■ EXERCISE DETAILS ■
Below are lines of data; count those containing the word "contexts" and write nothing but the number.

■ DATA ■
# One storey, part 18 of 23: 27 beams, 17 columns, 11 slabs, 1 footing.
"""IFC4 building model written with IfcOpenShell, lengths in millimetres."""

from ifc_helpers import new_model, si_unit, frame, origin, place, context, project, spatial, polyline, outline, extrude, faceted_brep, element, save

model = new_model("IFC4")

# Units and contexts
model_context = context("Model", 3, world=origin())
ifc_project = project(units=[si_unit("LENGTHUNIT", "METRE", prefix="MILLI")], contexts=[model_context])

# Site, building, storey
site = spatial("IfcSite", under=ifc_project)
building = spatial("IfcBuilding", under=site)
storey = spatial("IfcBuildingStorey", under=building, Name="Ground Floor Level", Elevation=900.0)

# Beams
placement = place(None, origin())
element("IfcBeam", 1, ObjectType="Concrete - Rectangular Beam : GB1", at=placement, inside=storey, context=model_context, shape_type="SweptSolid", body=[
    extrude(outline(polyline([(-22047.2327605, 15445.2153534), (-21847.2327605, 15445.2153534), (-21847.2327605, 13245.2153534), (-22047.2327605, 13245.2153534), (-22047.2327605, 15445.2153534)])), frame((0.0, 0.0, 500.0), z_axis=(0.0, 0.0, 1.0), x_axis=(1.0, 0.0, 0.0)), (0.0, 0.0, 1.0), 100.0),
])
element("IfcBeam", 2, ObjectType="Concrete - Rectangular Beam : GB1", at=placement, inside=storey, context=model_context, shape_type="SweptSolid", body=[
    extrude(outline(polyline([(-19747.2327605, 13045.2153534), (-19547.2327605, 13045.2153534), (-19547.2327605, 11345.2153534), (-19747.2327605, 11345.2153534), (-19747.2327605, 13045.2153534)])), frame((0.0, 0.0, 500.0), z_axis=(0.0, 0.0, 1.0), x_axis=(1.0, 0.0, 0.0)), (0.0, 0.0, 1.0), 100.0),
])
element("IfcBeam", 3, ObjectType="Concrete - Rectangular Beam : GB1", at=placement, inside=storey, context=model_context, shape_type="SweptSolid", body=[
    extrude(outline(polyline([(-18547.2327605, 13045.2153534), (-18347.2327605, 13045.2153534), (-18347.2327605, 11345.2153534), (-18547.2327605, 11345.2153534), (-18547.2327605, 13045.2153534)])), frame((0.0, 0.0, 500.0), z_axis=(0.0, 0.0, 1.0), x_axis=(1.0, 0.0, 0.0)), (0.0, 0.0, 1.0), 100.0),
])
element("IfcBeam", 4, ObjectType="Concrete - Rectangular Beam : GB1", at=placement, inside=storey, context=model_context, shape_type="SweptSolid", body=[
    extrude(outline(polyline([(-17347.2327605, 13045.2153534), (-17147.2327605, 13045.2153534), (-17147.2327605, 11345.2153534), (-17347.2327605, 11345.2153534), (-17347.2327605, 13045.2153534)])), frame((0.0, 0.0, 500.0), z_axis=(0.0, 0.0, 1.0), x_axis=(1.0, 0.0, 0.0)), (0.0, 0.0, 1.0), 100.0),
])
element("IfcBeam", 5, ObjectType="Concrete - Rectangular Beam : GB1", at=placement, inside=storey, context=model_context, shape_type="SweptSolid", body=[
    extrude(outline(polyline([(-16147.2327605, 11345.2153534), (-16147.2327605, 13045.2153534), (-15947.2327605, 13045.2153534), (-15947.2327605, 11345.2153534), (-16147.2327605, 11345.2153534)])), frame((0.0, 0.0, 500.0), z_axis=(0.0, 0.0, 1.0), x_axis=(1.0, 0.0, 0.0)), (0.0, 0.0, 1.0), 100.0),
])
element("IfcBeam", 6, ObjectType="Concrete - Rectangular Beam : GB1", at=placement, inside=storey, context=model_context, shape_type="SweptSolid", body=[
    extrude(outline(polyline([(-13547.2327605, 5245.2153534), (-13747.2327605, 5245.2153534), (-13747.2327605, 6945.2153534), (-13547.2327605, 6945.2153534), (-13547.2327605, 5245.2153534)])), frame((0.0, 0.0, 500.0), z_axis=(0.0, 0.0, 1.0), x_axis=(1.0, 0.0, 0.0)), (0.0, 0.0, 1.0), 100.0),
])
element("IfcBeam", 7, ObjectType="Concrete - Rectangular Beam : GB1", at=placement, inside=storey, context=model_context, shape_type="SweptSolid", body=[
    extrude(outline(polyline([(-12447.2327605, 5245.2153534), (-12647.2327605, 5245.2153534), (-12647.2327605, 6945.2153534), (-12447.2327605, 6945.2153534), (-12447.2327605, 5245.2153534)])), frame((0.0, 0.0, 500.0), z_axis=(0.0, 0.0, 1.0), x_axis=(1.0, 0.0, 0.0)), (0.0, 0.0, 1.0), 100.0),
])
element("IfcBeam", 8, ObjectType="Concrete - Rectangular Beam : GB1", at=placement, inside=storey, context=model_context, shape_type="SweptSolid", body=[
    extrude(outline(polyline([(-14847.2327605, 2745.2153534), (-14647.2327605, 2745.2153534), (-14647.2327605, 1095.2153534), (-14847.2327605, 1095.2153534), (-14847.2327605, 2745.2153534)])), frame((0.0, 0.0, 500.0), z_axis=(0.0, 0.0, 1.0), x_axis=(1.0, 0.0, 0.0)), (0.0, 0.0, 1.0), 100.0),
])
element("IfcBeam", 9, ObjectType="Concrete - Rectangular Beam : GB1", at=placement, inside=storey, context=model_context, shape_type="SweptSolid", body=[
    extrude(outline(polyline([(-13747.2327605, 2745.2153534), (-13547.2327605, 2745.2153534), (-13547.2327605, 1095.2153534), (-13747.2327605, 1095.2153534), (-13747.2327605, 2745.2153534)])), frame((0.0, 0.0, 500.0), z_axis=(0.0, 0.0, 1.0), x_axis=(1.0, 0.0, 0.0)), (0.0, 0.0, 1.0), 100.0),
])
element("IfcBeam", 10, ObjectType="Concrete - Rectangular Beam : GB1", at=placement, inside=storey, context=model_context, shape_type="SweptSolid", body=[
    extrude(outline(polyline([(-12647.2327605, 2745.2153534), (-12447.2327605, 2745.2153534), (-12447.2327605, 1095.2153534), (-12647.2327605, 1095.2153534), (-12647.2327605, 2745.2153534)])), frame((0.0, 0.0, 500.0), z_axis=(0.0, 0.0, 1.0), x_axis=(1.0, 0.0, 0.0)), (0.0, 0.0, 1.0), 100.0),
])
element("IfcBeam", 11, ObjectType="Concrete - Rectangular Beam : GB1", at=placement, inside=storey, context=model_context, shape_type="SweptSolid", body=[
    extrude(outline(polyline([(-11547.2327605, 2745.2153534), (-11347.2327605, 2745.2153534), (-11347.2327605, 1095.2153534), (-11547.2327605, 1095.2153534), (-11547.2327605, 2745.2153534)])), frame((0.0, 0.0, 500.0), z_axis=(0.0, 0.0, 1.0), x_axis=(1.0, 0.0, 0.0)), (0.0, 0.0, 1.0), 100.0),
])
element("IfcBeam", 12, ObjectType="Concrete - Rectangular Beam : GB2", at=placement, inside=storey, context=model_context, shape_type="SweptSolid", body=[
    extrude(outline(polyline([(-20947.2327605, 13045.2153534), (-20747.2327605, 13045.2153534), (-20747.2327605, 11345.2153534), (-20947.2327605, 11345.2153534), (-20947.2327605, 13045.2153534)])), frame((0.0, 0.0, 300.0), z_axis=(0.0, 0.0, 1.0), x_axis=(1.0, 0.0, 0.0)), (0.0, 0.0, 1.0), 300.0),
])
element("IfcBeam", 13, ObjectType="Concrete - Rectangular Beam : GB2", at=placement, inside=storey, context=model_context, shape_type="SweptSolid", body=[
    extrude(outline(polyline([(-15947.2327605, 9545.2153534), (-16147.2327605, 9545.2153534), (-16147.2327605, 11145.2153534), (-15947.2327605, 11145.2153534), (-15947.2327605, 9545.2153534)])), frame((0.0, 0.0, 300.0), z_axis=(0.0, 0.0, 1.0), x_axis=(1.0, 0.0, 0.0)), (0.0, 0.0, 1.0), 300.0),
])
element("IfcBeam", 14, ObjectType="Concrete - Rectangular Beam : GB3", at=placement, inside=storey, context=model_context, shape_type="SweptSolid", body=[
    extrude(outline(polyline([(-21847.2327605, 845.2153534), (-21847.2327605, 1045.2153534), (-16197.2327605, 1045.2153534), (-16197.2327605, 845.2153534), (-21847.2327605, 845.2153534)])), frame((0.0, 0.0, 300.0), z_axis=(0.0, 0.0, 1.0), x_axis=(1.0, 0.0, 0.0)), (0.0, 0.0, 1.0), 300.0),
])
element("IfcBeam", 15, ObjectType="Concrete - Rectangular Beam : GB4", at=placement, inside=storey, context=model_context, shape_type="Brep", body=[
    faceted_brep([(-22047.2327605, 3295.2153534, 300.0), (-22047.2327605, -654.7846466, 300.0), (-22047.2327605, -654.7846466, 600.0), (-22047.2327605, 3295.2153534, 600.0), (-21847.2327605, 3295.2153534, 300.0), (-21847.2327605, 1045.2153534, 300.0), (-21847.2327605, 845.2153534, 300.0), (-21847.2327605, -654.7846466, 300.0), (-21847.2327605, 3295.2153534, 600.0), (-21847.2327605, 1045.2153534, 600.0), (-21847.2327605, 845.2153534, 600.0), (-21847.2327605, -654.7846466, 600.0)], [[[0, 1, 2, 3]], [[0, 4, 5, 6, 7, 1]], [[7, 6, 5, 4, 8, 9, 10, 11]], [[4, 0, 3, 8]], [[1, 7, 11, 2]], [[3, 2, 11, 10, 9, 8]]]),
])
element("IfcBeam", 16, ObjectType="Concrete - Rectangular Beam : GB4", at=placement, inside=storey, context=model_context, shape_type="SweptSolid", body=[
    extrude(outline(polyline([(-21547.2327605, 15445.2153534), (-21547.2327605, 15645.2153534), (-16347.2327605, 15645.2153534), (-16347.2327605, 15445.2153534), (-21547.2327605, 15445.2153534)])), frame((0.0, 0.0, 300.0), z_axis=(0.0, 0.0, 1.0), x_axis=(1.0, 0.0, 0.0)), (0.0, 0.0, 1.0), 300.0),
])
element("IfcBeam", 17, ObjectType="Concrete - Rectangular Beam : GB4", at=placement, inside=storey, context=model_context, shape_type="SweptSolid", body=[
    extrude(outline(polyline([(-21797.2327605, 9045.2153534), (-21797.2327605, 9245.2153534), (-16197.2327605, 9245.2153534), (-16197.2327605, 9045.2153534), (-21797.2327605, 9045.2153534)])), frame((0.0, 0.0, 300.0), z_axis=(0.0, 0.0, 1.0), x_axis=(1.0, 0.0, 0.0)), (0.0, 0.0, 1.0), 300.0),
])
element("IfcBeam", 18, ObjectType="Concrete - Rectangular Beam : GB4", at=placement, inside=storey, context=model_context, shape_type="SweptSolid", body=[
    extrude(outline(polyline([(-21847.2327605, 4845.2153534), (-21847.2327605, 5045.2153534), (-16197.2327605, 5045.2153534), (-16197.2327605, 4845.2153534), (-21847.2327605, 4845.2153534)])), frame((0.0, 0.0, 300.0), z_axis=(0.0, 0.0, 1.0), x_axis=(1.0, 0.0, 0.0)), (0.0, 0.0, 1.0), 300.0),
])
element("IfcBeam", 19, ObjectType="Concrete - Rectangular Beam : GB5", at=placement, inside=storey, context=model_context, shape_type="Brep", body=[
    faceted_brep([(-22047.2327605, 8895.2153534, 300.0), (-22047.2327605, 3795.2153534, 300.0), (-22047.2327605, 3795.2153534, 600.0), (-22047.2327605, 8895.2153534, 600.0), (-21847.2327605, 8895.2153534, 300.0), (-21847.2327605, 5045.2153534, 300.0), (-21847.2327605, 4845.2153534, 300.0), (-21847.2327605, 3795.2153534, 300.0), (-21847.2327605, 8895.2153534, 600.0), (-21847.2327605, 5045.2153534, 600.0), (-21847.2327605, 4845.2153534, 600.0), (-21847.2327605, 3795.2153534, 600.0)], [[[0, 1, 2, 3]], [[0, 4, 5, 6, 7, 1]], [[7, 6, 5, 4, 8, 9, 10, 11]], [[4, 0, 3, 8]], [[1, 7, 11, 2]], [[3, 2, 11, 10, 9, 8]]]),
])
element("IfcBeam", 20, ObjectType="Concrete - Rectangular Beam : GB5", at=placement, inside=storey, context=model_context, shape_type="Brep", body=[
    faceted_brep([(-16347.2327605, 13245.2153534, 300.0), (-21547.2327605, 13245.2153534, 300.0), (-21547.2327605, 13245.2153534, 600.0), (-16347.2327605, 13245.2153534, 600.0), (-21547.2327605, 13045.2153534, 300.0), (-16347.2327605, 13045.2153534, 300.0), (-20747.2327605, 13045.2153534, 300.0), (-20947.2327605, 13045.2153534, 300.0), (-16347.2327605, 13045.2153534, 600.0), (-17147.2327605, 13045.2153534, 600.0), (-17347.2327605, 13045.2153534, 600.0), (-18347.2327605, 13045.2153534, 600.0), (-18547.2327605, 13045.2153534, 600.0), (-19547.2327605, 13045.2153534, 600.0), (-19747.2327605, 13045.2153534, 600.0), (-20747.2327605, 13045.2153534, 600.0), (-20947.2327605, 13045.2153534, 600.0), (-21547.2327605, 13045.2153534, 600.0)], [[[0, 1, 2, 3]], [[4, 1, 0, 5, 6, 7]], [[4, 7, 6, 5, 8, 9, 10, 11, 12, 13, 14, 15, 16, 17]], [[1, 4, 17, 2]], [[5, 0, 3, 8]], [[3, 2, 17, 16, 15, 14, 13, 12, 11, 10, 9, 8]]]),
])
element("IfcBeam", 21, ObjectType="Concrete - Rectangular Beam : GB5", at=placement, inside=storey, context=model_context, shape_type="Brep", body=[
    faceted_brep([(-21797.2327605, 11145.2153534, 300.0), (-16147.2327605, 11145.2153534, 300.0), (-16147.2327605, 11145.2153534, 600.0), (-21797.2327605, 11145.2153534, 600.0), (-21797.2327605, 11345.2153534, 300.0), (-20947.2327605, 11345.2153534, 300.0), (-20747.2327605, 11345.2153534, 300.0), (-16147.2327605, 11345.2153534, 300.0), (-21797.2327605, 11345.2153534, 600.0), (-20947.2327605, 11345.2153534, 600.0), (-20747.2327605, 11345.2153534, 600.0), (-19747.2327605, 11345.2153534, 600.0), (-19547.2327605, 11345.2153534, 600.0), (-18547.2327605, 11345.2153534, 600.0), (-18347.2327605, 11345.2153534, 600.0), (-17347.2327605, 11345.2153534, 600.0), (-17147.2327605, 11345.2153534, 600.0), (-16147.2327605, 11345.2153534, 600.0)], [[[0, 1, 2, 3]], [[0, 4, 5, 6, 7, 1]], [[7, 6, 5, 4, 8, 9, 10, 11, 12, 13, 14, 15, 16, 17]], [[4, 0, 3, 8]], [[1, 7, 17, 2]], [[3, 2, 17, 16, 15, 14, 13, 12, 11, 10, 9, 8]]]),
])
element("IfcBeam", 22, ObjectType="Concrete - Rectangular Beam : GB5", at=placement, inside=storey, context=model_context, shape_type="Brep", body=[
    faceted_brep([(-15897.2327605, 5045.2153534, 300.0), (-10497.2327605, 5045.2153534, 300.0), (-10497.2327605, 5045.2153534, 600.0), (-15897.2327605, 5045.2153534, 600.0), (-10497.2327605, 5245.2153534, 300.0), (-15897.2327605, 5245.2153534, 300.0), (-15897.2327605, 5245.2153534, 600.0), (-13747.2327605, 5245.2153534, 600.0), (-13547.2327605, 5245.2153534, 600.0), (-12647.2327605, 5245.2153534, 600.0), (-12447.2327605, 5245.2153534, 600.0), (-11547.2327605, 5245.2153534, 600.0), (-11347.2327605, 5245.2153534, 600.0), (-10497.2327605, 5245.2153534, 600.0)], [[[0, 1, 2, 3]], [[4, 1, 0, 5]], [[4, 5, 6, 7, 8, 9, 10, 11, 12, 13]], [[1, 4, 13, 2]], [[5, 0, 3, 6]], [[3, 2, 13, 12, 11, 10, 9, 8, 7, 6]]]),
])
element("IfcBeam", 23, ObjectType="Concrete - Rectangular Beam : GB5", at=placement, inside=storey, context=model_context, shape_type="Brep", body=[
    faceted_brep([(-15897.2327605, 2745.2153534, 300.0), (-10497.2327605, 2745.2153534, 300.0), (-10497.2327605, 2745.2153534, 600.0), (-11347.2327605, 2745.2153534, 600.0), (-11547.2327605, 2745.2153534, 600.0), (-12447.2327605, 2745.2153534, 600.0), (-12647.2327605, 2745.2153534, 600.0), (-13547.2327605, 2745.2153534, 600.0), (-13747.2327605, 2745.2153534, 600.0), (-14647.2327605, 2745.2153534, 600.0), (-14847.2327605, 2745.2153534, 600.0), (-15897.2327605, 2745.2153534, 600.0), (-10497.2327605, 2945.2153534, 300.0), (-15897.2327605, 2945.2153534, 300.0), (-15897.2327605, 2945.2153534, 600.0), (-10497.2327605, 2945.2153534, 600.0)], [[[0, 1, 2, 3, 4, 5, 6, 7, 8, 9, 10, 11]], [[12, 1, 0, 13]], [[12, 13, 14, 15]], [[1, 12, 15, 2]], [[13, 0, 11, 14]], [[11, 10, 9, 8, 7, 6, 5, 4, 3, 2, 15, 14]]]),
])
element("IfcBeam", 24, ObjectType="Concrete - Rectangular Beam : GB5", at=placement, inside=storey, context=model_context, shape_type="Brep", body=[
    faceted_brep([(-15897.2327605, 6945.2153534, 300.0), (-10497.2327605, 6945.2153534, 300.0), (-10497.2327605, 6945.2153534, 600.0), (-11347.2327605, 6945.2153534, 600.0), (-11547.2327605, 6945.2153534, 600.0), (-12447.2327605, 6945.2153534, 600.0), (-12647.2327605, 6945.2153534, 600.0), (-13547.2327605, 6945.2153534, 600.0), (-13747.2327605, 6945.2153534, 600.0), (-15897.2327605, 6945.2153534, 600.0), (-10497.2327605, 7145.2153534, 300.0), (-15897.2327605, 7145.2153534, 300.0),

■ RESULT OF THIS TASK ■
2